Naturally, Oman has all three. The success of GlassPoint’s system has been recognized throughout Oman’s EOR market. The project produces a daily average of 50 tonnes of emissions-free steam that feeds directly into existing thermal EOR operations at PDO’s Amal West.
The 7MW system is in regular operation and recently passed its first performance acceptance test since coming online, exceeding contracted steam output by 10%.
“The GlassPoint system is proving it can reliably fuel thermal EOR with solar power while reducing the need to burn natural gas. This solar EOR solution provides for an economically viable and environmentally sustainable long term resource to develop Oman’s heavy oil portfolio, while saving valuable natural gas resources for use in other gas-dependent industries,” says Restucci.

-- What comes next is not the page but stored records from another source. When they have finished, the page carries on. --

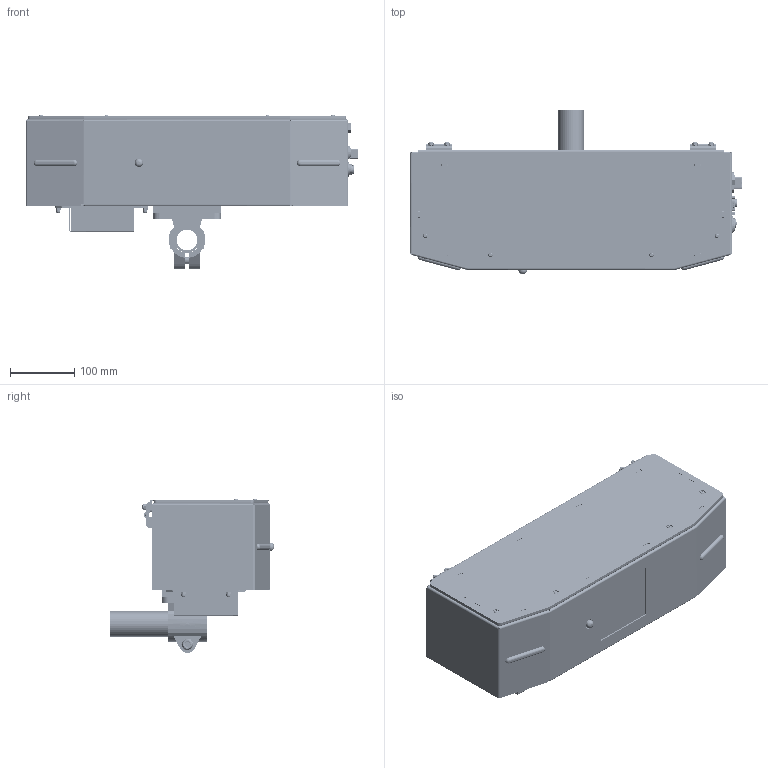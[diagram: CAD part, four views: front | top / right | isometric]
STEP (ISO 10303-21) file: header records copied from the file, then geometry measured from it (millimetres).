
FILE_DESCRIPTION(/* description */ ('LPHFD2'),/* implementation_level */ '2;1');
FILE_NAME(/* name */ 'LPHFD2_ohne Inhalt_20170327',/* time_stamp */ '2017-03-27T12:20:47+02:00',/* author */ ('SH'),/* organization */ ('Z-LASER'),/* preprocessor_version */ 'ST-DEVELOPER v16.7',/* originating_system */ 'DEX',/* authorisation */ $);
FILE_SCHEMA (('AUTOMOTIVE_DESIGN {1 0 10303 214 3 1 1}'));
Products named in the file (69): ZLP_- aktiv-Kühlung; Z3D_Data_Interface_Board_Rev_A(BV1_100951501_Z3D_Data_Interface_Board
_Rev_A); Board_0; R1_0; 1038369808; Extruded-2_0; X2_0; 1038369424; Extruded-1_0; X3_0; 1038372624; Extruded_0; 18K2A245_9pos.; 100956602_LP2013_Flansch_Anschlüsse_Seite_c; 09452451560 Harting PushPull RJ45; 100219470ugm000_a; 3600200_Schluesselschalter; 3500030_Fuseholder_FPG1; 3; R13_Round_Rocker_Switch; 100900701_Glasandrückrahmen_LPZ3D-Control_Vers.B; Glasscheibe Scanner_100x110; Z-RGB_Multifunktion_Platine_Rev_A_oa_0; TRM_SURF_137; Flanschstecker_M16_IP67_09-0111-00-04; Hutmutter-DIN 1587_M4; PEM_FH-M4-8; Fan_80x80x25_Einbaumuster; Fan-80x80x25-Promoco_Fan-KD1208PTS3-Promoco; Fan-House-80x80x25-Promoco_Fan-House-KD1208PTS3-Promoco; 100925250_Z3D-Control_Flachdichtung_Kühlung_Blech; 101011300_BG_ZLP_Gehäuse_kompl_Kabeldur_geschlossen; 1504100510_0_Kabeldur_geschlossen; FH-M4-12_0; FH-M4-15_0; FH-M4-8_0; BSO-M4-10_0; BNM M5 HUC FEFG 3,5_0; 1504100520_0; 1504100521_0 ...
Assembly tree (146 placements, depth 5):
  ZLP_- aktiv-Kühlung
    Z3D_Data_Interface_Board_Rev_A(BV1_100951501_Z3D_Data_Interface_Board
_Rev_A)
      Board_0
      R1_0
        1038369808
          Extruded-2_0
      X2_0
        1038369424
          Extruded-1_0
      X3_0
        1038372624
          Extruded_0
      18K2A245_9pos.
    100956602_LP2013_Flansch_Anschlüsse_Seite_c
    09452451560 Harting PushPull RJ45
      100219470ugm000_a
    3600200_Schluesselschalter
    3500030_Fuseholder_FPG1
      3
    R13_Round_Rocker_Switch
    100900701_Glasandrückrahmen_LPZ3D-Control_Vers.B
    Glasscheibe Scanner_100x110
    Z-RGB_Multifunktion_Platine_Rev_A_oa_0
      TRM_SURF_137
    Flanschstecker_M16_IP67_09-0111-00-04
    Hutmutter-DIN 1587_M4  x4
    PEM_FH-M4-8  x4
    Fan_80x80x25_Einbaumuster
      Fan-80x80x25-Promoco_Fan-KD1208PTS3-Promoco
      Fan-House-80x80x25-Promoco_Fan-House-KD1208PTS3-Promoco
    100925250_Z3D-Control_Flachdichtung_Kühlung_Blech
    101011300_BG_ZLP_Gehäuse_kompl_Kabeldur_geschlossen
      1504100510_0_Kabeldur_geschlossen
        1504100510_0_Kabeldur_geschlossen
        FH-M4-12_0  x15
        FH-M4-15_0  x4
        FH-M4-8_0  x4
        BSO-M4-10_0  x10
        BNM M5 HUC FEFG 3,5_0  x4
      1504100520_0
        1504100520_0
        1504100521_0
        1504100522_0
        BSO-M3-10_0  x8
        FH-M5-15_0  x4
        Schaumdichtung FERMA-P9021-VP1_0
        FH-M4-12_0  x4
      1504100511_0  x2
      1504100540_0  x4
      1504100560_0
      1056-U6_0  x2
        _4-250-218-9003-P1_0
        _4-250-218-9003-P2_0
        _4-250-PIN_0
      Sechskantmutter B1364 M4 VZ_0  x10
      Senkschraube M5x20 DIN 7991 VZ_0  x4
      U-Scheibe 5,3_0  x4
      mutter selbstsichernd M5_0  x4
      LinsenFlanschschraube M4x8 DIN7380 Innensechskant_0  x4
    SZ0000001_Kardanische_Aufhängung zur Montage_LPHFD_oa_1
Bounding box: 515.54 x 254.38 x 238.46 mm (x, y, z)
Volume: 1478528.4 mm3; surface area: 1150446.1 mm2
Topology: 130 solids, 135 shells, 8833 faces, 24049 edges, 15880 vertices
Faces by surface type: plane 5212, cylinder 2205, cone 1026, torus 215, bspline 148, sphere 27
Full cylindrical faces by diameter (mm): 0.5 x20, 0.6 x9, 0.64 x9, 1.01 x9, 1.1 x12, 1.51 x9, 1.6 x14, 2.013 x4, 2.156 x4, 2.459 x2, 2.5 x8, 2.55 x2, 2.7 x2, 3.1 x2, 3.242 x14, 3.3 x14, 3.924 x4, 3.981 x8, 4 x49, 4.1 x39, 4.134 x4, 4.19 x16, 4.2 x4, 4.3 x22, 4.5 x6, 4.7 x8, 5 x18, 5.1 x4, 5.3 x14, 5.4 x4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
Entity records: 166904 total; most frequent: CARTESIAN_POINT 34288, DIRECTION 24955, ORIENTED_EDGE 24352, EDGE_CURVE 12176, AXIS2_PLACEMENT_3D 8420, LINE 8115, VECTOR 8115, VERTEX_POINT 8032

By incorporating solar steam, PDO reduces the amount of natural gas used for steam injection. With Oman’s already limited supply of natural gas, this not only saves the country money, but it allows for the gas to be diverted towards industries that can create more local employment for Oman.
“You don’t burn gas to create the steam, that means the gas can be used for something else, that something else is usually job creation,” says MacGregor. “So you give the gas to a local industry and create jobs with it, you can use it for power generation, desalination, but job creation seems to be at the top of the list.”
In numbers:
– 60% Recovery Industry experts say that EOR techniques can increase oil recovery from fields to this much
– 25,000 bpd Production rates at the Harweel cluster of fields in Oman after the implementation of miscible gas injection techniques.
– 50 tonnes The GlassPoint Solar steam project in Oman is producing a daily average of this much steam.